Deze methode of manier van critiseeren verdient te meer afkeuring, omdat de aanwijzing van zulke tegenstrijdigheden, al bestaan ze werkelijk, doorgaans de aandacht vermoeit met bijzonderheden, die buiten de hartader der zaak in quaestie omgaan. Een goede zaak blijft goed, al heeft zij een slecht pleitbezorger. Gebrekkige redeneeringen laten zich verbeteren, als er maar niets valt aan te merken op haar bedoeling en strekking. Door de zwakke plekken in iemands lichaam aan bloed te slaan, wordt de persoon zelf nog niet doodgeslagen. Grondslag en plan van een huis kunnen onberispelijk zijn, al is de bouw slecht uitgevoerd.
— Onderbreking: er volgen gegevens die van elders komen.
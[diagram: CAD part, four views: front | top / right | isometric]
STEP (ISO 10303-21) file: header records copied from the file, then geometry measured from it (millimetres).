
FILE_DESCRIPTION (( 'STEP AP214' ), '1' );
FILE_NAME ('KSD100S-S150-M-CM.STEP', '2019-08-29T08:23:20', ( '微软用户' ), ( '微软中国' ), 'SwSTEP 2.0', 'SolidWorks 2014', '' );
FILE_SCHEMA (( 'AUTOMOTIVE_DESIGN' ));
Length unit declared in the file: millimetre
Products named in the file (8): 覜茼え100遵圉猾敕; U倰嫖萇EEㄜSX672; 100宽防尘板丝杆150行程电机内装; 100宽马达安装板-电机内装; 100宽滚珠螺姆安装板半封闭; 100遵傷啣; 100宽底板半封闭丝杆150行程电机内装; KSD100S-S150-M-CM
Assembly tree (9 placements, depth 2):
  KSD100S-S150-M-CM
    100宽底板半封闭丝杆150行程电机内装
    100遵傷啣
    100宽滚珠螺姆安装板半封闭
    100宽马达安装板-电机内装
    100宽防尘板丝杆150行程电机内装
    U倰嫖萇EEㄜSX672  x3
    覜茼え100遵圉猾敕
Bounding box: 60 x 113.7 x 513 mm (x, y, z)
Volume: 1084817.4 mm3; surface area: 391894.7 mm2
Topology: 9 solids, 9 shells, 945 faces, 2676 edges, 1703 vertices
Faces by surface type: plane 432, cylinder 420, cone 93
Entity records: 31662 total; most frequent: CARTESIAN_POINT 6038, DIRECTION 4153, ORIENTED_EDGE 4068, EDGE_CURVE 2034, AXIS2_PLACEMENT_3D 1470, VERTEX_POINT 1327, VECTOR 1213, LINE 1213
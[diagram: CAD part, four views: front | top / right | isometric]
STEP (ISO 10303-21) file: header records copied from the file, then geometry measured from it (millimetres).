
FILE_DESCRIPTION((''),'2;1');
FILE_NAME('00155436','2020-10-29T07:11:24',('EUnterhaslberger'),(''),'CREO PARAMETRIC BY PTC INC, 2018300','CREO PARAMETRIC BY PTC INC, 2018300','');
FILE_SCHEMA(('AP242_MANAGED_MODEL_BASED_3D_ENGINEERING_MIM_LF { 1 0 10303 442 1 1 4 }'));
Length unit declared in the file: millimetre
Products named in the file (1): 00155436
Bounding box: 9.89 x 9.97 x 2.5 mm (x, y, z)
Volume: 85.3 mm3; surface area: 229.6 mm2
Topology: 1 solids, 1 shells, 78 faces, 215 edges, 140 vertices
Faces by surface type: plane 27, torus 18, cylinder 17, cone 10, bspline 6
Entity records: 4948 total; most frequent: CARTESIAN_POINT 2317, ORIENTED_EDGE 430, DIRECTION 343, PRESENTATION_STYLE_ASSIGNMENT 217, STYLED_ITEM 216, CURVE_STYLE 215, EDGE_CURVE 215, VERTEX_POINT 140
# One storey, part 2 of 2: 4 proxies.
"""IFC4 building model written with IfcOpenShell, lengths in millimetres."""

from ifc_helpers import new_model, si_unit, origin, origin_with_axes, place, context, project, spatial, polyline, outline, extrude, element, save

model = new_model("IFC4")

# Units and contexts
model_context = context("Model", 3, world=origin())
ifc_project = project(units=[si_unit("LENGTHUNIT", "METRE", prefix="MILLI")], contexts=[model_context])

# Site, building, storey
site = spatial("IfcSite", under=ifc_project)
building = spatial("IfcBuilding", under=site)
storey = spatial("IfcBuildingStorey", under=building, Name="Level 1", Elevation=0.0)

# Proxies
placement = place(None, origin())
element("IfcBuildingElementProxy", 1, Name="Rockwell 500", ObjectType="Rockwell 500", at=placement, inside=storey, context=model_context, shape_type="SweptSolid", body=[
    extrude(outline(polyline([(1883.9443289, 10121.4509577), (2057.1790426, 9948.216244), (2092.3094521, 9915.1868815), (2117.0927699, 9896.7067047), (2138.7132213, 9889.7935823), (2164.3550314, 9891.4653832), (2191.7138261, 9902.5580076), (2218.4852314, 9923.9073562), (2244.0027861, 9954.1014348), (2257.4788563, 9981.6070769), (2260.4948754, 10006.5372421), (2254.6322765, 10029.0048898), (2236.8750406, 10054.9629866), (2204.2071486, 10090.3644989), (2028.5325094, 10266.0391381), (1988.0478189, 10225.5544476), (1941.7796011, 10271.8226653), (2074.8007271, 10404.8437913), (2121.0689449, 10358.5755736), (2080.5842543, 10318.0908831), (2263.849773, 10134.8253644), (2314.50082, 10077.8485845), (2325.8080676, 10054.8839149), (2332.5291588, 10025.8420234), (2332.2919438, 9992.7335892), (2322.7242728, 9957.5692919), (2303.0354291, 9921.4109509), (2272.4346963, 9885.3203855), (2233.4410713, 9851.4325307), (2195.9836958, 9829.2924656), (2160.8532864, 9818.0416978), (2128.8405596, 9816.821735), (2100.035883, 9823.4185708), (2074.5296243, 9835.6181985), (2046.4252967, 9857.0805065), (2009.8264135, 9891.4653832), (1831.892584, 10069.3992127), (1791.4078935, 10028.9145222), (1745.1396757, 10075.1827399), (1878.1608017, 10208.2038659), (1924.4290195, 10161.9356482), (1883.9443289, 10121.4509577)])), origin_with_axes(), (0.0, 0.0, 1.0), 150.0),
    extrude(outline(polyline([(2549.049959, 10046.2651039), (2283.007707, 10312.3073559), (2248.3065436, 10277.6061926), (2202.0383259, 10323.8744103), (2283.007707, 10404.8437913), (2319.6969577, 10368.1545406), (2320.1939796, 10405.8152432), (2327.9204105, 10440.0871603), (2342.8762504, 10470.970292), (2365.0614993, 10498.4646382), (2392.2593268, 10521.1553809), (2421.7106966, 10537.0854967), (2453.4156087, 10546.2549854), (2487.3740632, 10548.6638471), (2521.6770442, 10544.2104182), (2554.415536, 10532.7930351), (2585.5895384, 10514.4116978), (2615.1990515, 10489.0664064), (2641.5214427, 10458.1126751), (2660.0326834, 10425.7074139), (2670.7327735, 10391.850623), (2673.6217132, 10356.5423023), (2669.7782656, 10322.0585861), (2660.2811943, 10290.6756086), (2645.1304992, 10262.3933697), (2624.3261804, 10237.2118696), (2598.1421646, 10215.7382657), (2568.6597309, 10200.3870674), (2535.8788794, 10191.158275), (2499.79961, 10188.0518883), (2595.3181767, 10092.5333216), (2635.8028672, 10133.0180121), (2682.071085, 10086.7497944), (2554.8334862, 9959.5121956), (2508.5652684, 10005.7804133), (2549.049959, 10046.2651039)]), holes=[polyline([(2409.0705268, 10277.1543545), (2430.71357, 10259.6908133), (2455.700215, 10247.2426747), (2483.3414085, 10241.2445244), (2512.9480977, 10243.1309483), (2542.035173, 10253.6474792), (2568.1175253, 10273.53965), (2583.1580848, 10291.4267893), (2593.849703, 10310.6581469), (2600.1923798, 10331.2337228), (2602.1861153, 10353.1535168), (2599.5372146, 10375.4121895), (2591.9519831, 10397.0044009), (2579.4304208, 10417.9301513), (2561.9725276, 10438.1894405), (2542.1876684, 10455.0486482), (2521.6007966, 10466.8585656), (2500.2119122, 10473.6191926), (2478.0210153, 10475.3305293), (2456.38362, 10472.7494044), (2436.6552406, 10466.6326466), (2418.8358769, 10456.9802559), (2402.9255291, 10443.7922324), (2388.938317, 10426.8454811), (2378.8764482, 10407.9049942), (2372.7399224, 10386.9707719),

Het verschijnsel, waarvan ik spreek, is oud en zeer algemeen. Vauvenargues († 1747) vond reden tot de vermaning: ‘Pour décider qu'un auteur se contredit, il faut qu'il soit impossible de le concilier’. Stuart Mill († 1873) wijst op dat verschijnsel, als hij zegt (Utilisme, Holl. Vertak blz. 29 vlg.): ‘Bij nader inzien blijkt, dat zelfs personen met zeer goeden verstandelijken aanleg zich dikwijls weinig moeite geven om een meening nauwkeurig te leeren kennen, als zij er eenmaal een vooroordeel tegen opgevat hebben. De menschen zijn er zich over het algemeen zoo weinig van bewust, dat deze willekeurige onwetendheid een fout is, dat men de platste misvattingen van stelsels voortdurend ontmoet in bedaarde geschriften van personen, die zeer veel aanspraak maken op eerlijke beginselen en wijsgeerigheid’.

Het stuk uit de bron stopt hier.